Workers fired for e-mailing porn to be reinstated

Arbitrator orders Ontario government to give six Ministry of Natural Resources staff their jobs back

Six workers fired from their jobs at Ontario’s Ministry of Natural Resources for circulating graphic pornography images and videos to co-workers and workers outside the government have been awarded their jobs back by an arbitrator.

The decision to force the Ontario government to hire the six men back was made June 18, according to a report in the July 12 issue of the Globe and Mail. Arbitrator Ken Petryshen has yet to release the full judgment so the reasoning behind his decision isn’t clear at this point.

The six were fired following an intensive investigation of staff at the Ministry of Natural of Resources. More than 90 employees were investigated, 66 were reprimanded with penalties ranging from letters to 20-day suspensions, and six were ultimately fired.

Commenting in a Jan. 23, 2003, decision in the same case Petryshen detailed the graphic nature of the e-mails sent around the ministry and, in one case, to a few employees at DaimlerChrysler from government computers.

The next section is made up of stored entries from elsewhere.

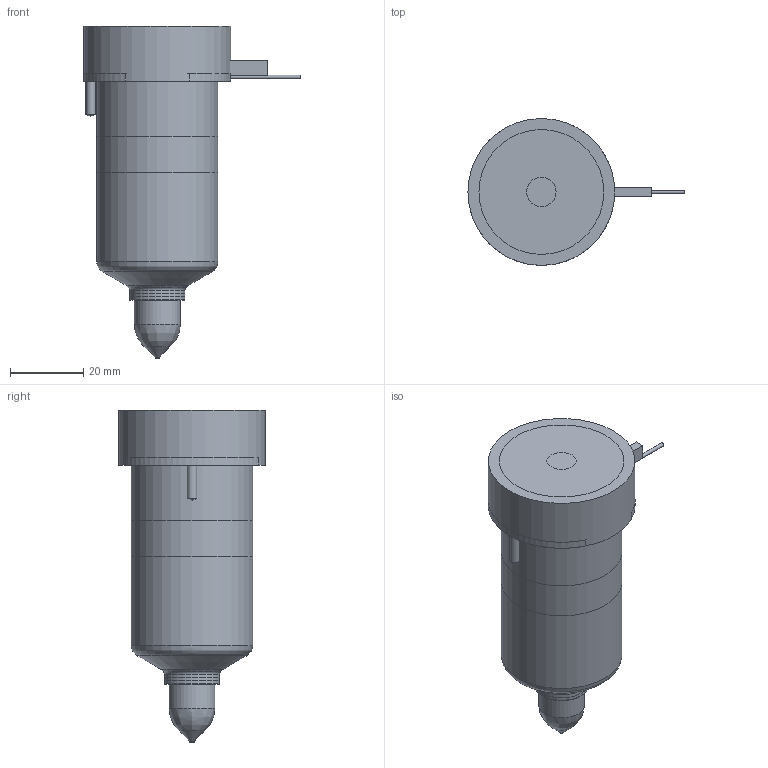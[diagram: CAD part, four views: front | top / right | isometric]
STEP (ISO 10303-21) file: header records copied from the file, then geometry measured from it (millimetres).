
FILE_DESCRIPTION(/* description */ (''),/* implementation_level */ '2;1');
FILE_NAME(/* name */ 'BXTT-BXIT19065-10_200C_b',/* time_stamp */ '2007-01-18T10:00:08+13:00',/* author */ (''),/* organization */ (''),/* preprocessor_version */ 'ST-DEVELOPER v9',/* originating_system */ 'UGS - NX 4.0',/* authorisation */ '');
FILE_SCHEMA (('CONFIG_CONTROL_DESIGN'));
Length unit declared in the file: millimetre
Products named in the file (1): BXTT-BXIT19065-10_200C_b
Bounding box: 58.85 x 40 x 90.4 mm (x, y, z)
Volume: 127485.9 mm3; surface area: 24033.9 mm2
Topology: 6 solids, 6 shells, 82 faces, 162 edges, 102 vertices
Faces by surface type: plane 35, cylinder 25, cone 12, torus 8, bspline 2
Full cylindrical faces by diameter (mm): 1 x3, 1.2 x1, 2.5 x2, 8 x1, 9 x1, 12.5 x1, 14.61 x1, 15.01 x2, 18.3 x1, 28.6 x1, 33 x2, 40 x1
Entity records: 2043 total; most frequent: CARTESIAN_POINT 427, DIRECTION 340, ORIENTED_EDGE 236, AXIS2_PLACEMENT_3D 151, EDGE_LOOP 128, EDGE_CURVE 118, VERTEX_POINT 95, ADVANCED_FACE 82

“After reviewing the material in the grievors Outlook accounts at the hearing and again after the hearing, it is my conclusion that the employer correctly assessed some of the inappropriate material as very offensive,” said Petryshen. “Although the inappropriate material in the grievors’ accounts includes some relatively innocuous items, they also include items of bestiality, oral sex, pictures of nude obese and elderly women and pictures of sexual activity that are degrading and violent to women.”

He said the material in the e-mail accounts of the six who were fired were “generally more offensive and the volume of activity is generally greater.”

At that time he said the firing of the six men “might be an appropriate response” by the government.

“In circumstances where the grievors engaged in serious misconduct due to the receipt or distribution of very offensive material by e-mail, where employees had been warned that discharge could result from such conduct and where the employer applied discipline consistently, it is difficult to conclude at this point that the discharges could not be upheld.”

In the Jan. 23, 2003, ruling he decided it would not be appropriate to reinstate the workers “at this time” but added that “perhaps circumstances relevant to this issue may arise during the next phase of this proceeding.”



For more information on the Jan. 23, 2003, ruling check out O.P.S.E.U. v. Ontario (Ministry of Natural Resources), 2003 CarswellOnt 3343, (sub nom. Ontario (Ministry of Natural Resources) v. O.P.S.E.U.) 115 L.A.C. (4th) 120 (Ont. C.E.G.S.B.).